The sequential execution times are usually large for 3D boundary value problems, since they yield matrices with high order, many of them exhibiting bad conditioning. This leads to a large number of iterations when one uses Krylov iterative methods for solving linear systems. Both Conjugate Gradient (CG) and Bi-conjugate Gradient (BiCG) methods are the more commonly used. However, in these algorithms many iterations are required to reach a certain specified accuracy. A technique to accelerate the convergence is preconditioning the matrix, whose aim is to improve its condition number [4]. The Incomplete Cholesky factorization technique (IC) is often used as preconditioner along with the CG and BiCG methods in FEA of electromagnetic phenomena [4], [23].
This paper deals with the problem of performing a GPU adaptation for both the preconditioned Conjugate Gradient (PCG) and preconditioned Bi-conjugate Gradient (PBiCG) methods efficiently. Our aim is to solve large-scale systems of complex entries which arise from the 3D edge-finite element modeling of the problem. We performed two test cases. Case 1, solves the problem of 3D underground diffusion of harmonic currents, as presented in [6], [7]. For the sake of completeness, and to evaluate both robustness and applicability of the presented GPU-based tool in other electrical engineering-related systems, we include additional numerical experiments we have performed on systems arising from the application nodal analysis (Kirchhoff to an electric circuit of a power delivery network of a real-world metropolitan area, named Case 2.
We demonstrate its improved performance over the serially optimized C++ code. Furthermore, comparisons of the performance of CPU/Single-GPU, CPU/Multi-GPU and Single-GPU/Multi-GPU versions were analyzed as a function of the grid size simulation.
II. STATE OF THE ART
The CG method was introduced by Hestenes et al. [8] and has a long and successful history in computational mathematics [9], [10]. In [4] several iterative methods for the
implementation with both shared and distributed memory are reported.
As mentioned previously, preconditioning is a necessary step for faster convergence of Krylov subspace iterative methods, which can be accomplished using algorithms such as IC. This method decomposes the coefficient matrix into two triangular matrices, which can then be solved by forward and backward substitution, tasks that represent the dominant computational cost of this method and are strictly sequential [3], [4], [11].

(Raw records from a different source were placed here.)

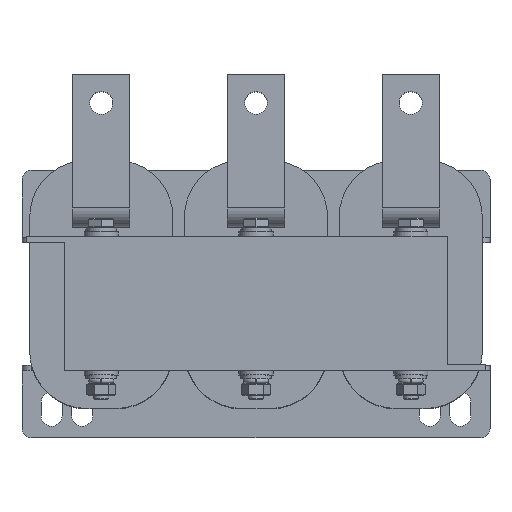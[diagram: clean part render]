
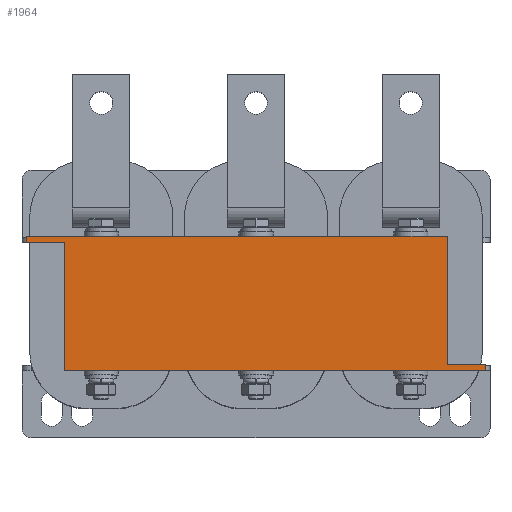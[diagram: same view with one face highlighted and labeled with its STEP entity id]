
A CAD part, top view. The second image highlights one B-rep face of the part: STEP entity #1964.
In plain terms, the highlighted planar face has unit normal (0, 0, 1).
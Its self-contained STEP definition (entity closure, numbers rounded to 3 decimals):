
#1964=ADVANCED_FACE('',(#2726),#2728,.T.);
#2726=FACE_BOUND('',#2727,.T.);
#2727=EDGE_LOOP('',(#3630,#3631,#3632,#3633,#3634,#3635,#3636,#3637));
#2728=PLANE('',#2729);
#2729=AXIS2_PLACEMENT_3D('',#2730,#2731,#2732);
#2730=CARTESIAN_POINT('',(0.,0.,43.));
#2731=DIRECTION('',(0.,0.,1.));
#2732=DIRECTION('',(-1.,0.,0.));
#3630=ORIENTED_EDGE('',*,*,#4072,.T.);
#3631=ORIENTED_EDGE('',*,*,#4091,.T.);
#3632=ORIENTED_EDGE('',*,*,#4061,.T.);
#3633=ORIENTED_EDGE('',*,*,#4092,.T.);
#3634=ORIENTED_EDGE('',*,*,#4053,.T.);
#3635=ORIENTED_EDGE('',*,*,#4093,.T.);
#3636=ORIENTED_EDGE('',*,*,#4042,.T.);
#3637=ORIENTED_EDGE('',*,*,#4090,.T.);
#4042=EDGE_CURVE('',#4496,#4494,#4497,.T.);
#4053=EDGE_CURVE('',#4518,#4516,#4519,.T.);
#4061=EDGE_CURVE('',#4534,#4532,#4535,.T.);
#4072=EDGE_CURVE('',#4556,#4554,#4557,.T.);
#4090=EDGE_CURVE('',#4494,#4556,#4579,.T.);
#4091=EDGE_CURVE('',#4554,#4534,#4580,.T.);
#4092=EDGE_CURVE('',#4532,#4518,#4581,.T.);
#4093=EDGE_CURVE('',#4516,#4496,#4582,.T.);
#4494=VERTEX_POINT('',#5450);
#4496=VERTEX_POINT('',#5454);
#4497=LINE('',#5455,#5456);
#4516=VERTEX_POINT('',#5499);
#4518=VERTEX_POINT('',#5503);
#4519=LINE('',#5504,#5505);
#4532=VERTEX_POINT('',#5533);
#4534=VERTEX_POINT('',#5537);
#4535=LINE('',#5538,#5539);
#4554=VERTEX_POINT('',#5582);
#4556=VERTEX_POINT('',#5586);
#4557=LINE('',#5587,#5588);
#4579=LINE('',#5647,#5648);
#4580=LINE('',#5650,#5651);
#4581=LINE('',#5653,#5654);
#4582=LINE('',#5656,#5657);
#5450=CARTESIAN_POINT('',(-120.,35.,43.));
#5454=CARTESIAN_POINT('',(100.,35.,43.));
#5455=CARTESIAN_POINT('',(100.,35.,43.));
#5456=VECTOR('',#5457,1.);
#5457=DIRECTION('',(-1.,0.,0.));
#5499=CARTESIAN_POINT('',(100.,-32.,43.));
#5503=CARTESIAN_POINT('',(120.,-32.,43.));
#5504=CARTESIAN_POINT('',(120.,-32.,43.));
#5505=VECTOR('',#5506,1.);
#5506=DIRECTION('',(-1.,0.,0.));
#5533=CARTESIAN_POINT('',(120.,-35.,43.));
#5537=CARTESIAN_POINT('',(-100.,-35.,43.));
#5538=CARTESIAN_POINT('',(-100.,-35.,43.));
#5539=VECTOR('',#5540,1.);
#5540=DIRECTION('',(1.,0.,0.));
#5582=CARTESIAN_POINT('',(-100.,32.,43.));
#5586=CARTESIAN_POINT('',(-120.,32.,43.));
#5587=CARTESIAN_POINT('',(-120.,32.,43.));
#5588=VECTOR('',#5589,1.);
#5589=DIRECTION('',(1.,0.,0.));
#5647=CARTESIAN_POINT('',(-120.,35.,43.));
#5648=VECTOR('',#5649,1.);
#5649=DIRECTION('',(0.,-1.,0.));
#5650=CARTESIAN_POINT('',(-100.,32.,43.));
#5651=VECTOR('',#5652,1.);
#5652=DIRECTION('',(0.,-1.,0.));
#5653=CARTESIAN_POINT('',(120.,-35.,43.));
#5654=VECTOR('',#5655,1.);
#5655=DIRECTION('',(0.,1.,0.));
#5656=CARTESIAN_POINT('',(100.,-32.,43.));
#5657=VECTOR('',#5658,1.);
#5658=DIRECTION('',(0.,1.,0.));

Due to the emergence of CUDA, the use of GPUs for sparse linear algebra and the solution of sparse linear systems [12] has become more accessible, thanks to GPU-accelerated libraries such as CUSPARSE and CUSP [5]. There are several works which attempt to optimize the PCG method [12], [13], [14]. In the first one, the authors analyze the performance of the GPU using the Incomplete Cholesky CG method (ICCG) and incomplete LU (ILU) preconditioned GMRES method. The second one presents an ICCG implementation optimized on both multi-core and GPU architectures by using domain decomposition. In [14], the authors implemented a variable preconditioned Krylov subspace method with mixed precision on GPU for solving the linear system obtained from the edge finite element formulation in steady state. The execution times of various VP Krylov subspace methods using Single-GPU and Multi-GPU were analyzed.